### Data records
------------------------------------------------------------

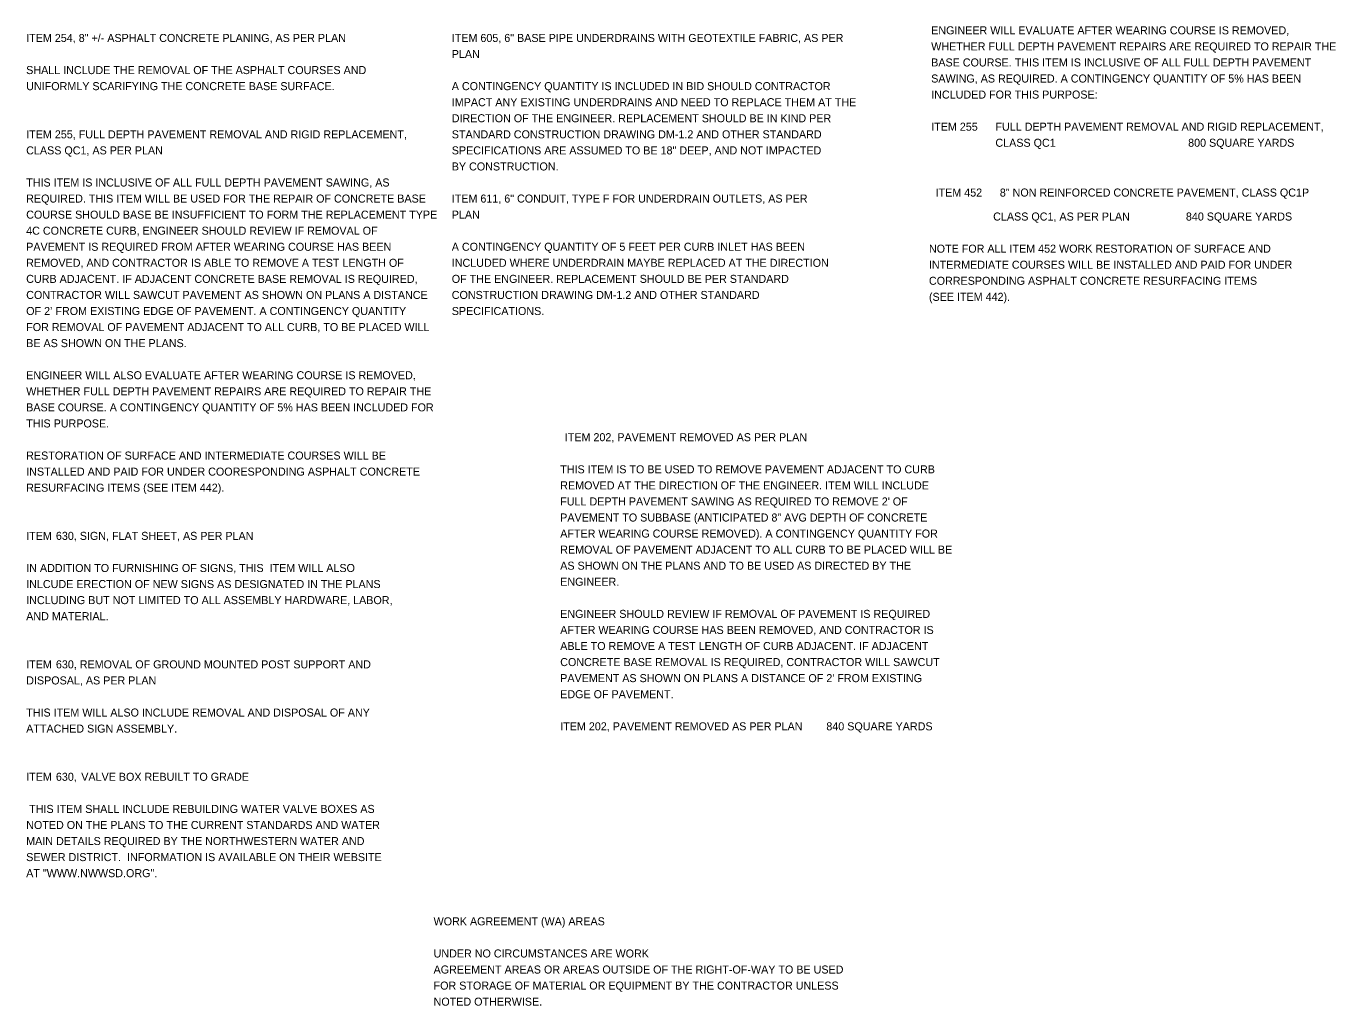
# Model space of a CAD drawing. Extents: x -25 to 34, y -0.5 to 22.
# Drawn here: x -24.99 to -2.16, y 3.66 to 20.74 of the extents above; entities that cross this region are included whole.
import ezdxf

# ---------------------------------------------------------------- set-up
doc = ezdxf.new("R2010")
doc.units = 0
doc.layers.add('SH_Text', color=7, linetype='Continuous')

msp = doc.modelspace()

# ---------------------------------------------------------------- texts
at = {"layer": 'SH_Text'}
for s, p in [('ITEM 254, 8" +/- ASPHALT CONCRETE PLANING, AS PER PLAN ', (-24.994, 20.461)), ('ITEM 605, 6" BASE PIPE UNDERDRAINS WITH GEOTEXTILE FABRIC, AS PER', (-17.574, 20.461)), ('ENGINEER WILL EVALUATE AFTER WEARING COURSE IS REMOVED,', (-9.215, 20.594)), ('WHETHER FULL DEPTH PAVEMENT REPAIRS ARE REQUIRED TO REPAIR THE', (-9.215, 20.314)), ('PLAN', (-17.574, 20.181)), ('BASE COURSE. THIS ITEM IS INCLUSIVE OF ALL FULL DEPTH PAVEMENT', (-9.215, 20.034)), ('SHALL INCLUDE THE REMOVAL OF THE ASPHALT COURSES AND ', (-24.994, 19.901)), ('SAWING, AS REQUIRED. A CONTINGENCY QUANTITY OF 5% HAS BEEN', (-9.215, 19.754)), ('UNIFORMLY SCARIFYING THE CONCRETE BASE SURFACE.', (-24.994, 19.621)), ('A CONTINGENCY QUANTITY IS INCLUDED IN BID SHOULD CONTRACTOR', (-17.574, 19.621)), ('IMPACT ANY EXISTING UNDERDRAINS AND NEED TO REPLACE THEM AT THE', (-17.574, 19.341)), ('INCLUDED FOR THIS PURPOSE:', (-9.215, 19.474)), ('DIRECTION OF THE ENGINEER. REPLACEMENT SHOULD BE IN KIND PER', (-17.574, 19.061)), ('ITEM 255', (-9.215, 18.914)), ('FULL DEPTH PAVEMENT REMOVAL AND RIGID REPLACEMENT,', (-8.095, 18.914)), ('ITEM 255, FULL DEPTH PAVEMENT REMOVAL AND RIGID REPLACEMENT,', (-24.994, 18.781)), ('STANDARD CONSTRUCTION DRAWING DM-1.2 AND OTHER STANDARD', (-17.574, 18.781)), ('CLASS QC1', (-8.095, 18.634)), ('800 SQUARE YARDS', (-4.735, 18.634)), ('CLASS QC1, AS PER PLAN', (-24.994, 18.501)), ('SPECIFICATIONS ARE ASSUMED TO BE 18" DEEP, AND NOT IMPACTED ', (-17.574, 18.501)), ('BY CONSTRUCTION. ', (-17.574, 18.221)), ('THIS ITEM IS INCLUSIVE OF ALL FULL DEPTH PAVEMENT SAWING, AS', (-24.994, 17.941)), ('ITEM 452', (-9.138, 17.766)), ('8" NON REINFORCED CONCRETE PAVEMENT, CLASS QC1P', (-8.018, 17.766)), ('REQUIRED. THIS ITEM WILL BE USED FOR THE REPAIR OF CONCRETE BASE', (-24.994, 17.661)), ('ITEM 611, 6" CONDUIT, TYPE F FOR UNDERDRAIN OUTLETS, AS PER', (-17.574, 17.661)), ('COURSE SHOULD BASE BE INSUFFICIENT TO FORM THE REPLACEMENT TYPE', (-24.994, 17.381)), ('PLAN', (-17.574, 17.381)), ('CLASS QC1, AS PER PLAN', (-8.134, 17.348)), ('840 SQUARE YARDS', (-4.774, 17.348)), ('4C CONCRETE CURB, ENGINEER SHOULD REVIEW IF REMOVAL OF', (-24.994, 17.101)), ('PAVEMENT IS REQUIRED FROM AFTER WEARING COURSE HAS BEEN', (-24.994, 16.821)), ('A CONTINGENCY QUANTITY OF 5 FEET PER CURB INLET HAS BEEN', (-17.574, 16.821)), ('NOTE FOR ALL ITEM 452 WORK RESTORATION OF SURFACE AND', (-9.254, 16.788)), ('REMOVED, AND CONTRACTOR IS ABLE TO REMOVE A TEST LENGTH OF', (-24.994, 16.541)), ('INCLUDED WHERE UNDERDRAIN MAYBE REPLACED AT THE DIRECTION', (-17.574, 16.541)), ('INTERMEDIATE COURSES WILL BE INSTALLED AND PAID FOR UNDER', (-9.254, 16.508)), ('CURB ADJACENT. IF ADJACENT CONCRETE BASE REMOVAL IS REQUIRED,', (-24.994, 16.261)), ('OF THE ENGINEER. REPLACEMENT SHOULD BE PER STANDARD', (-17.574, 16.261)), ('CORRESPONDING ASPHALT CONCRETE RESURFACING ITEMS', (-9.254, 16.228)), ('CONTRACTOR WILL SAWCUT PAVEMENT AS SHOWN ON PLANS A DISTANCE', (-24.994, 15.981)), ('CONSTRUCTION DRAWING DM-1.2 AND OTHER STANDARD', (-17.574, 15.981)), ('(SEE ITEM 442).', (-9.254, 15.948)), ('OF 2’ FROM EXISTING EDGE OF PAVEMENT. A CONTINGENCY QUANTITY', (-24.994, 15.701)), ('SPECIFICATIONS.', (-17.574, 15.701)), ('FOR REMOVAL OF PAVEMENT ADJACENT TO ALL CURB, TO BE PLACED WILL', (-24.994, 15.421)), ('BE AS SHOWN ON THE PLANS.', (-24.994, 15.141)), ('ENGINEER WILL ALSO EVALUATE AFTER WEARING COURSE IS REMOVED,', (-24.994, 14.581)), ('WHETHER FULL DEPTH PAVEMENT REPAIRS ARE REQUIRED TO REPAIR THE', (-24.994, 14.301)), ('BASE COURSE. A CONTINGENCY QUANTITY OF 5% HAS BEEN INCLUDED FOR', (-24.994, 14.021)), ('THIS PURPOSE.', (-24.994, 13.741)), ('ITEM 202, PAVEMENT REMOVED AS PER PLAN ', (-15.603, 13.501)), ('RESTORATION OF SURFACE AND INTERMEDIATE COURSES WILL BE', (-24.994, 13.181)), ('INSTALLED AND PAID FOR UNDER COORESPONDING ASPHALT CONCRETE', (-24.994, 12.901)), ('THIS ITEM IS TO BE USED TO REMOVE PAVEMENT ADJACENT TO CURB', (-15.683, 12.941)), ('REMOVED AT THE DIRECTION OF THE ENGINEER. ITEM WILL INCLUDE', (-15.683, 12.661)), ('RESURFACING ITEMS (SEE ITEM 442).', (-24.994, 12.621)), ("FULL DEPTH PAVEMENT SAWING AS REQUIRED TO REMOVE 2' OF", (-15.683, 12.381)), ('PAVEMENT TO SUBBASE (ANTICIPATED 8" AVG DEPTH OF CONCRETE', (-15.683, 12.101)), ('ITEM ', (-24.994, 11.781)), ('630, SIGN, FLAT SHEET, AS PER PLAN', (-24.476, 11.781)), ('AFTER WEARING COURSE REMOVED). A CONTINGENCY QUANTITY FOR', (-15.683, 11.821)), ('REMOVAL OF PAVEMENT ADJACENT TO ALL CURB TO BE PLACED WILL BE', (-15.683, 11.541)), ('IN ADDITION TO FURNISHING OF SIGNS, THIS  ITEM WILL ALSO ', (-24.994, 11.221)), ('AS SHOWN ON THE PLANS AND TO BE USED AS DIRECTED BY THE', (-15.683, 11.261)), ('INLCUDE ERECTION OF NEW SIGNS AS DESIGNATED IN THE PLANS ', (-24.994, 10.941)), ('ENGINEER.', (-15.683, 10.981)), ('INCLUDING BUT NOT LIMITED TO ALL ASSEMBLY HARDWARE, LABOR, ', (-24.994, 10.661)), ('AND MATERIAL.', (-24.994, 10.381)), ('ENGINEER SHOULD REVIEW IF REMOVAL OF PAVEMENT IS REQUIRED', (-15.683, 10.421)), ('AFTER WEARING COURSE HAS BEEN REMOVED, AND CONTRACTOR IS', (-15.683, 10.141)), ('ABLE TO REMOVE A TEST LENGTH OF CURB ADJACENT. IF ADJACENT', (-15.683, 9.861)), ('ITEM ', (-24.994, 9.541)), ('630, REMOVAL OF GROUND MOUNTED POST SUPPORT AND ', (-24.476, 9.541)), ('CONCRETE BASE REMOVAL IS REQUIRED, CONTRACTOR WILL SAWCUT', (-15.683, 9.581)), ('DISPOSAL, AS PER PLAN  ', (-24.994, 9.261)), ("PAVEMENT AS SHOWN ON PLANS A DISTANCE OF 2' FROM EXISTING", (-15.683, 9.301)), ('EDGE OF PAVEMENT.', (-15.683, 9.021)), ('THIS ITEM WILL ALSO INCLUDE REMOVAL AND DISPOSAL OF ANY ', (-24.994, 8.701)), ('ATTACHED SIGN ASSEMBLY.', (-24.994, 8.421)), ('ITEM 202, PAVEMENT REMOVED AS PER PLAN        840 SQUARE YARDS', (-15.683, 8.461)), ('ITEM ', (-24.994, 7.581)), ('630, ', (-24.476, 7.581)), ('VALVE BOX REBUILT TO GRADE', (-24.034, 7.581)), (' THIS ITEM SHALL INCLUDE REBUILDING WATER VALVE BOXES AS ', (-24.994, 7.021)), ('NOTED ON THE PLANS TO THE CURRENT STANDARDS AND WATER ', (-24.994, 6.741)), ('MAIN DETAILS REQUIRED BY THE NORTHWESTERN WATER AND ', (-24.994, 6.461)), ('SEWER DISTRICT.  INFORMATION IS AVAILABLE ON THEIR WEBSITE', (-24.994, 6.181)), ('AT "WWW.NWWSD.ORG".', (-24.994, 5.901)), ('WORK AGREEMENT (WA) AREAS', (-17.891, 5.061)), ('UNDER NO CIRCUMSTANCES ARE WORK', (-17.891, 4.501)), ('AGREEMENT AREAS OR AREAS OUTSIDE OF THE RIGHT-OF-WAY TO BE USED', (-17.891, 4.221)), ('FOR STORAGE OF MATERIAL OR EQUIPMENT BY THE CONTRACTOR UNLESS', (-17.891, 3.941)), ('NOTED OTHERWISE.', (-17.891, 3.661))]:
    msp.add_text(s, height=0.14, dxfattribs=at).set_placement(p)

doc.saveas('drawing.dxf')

------------------------------------------------------------

### Your assignment
Repeat the records above exactly, from the first line through the line containing "msp = doc.modelspace()", and leave out the pictures.

### Exercise answer
# Model space of a CAD drawing. Extents: x -25 to 34, y -0.5 to 22.
# Drawn here: x -24.99 to -2.16, y 3.66 to 20.74 of the extents above; entities that cross this region are included whole.
import ezdxf

# ---------------------------------------------------------------- set-up
doc = ezdxf.new("R2010")
doc.units = 0
doc.layers.add('SH_Text', color=7, linetype='Continuous')

msp = doc.modelspace()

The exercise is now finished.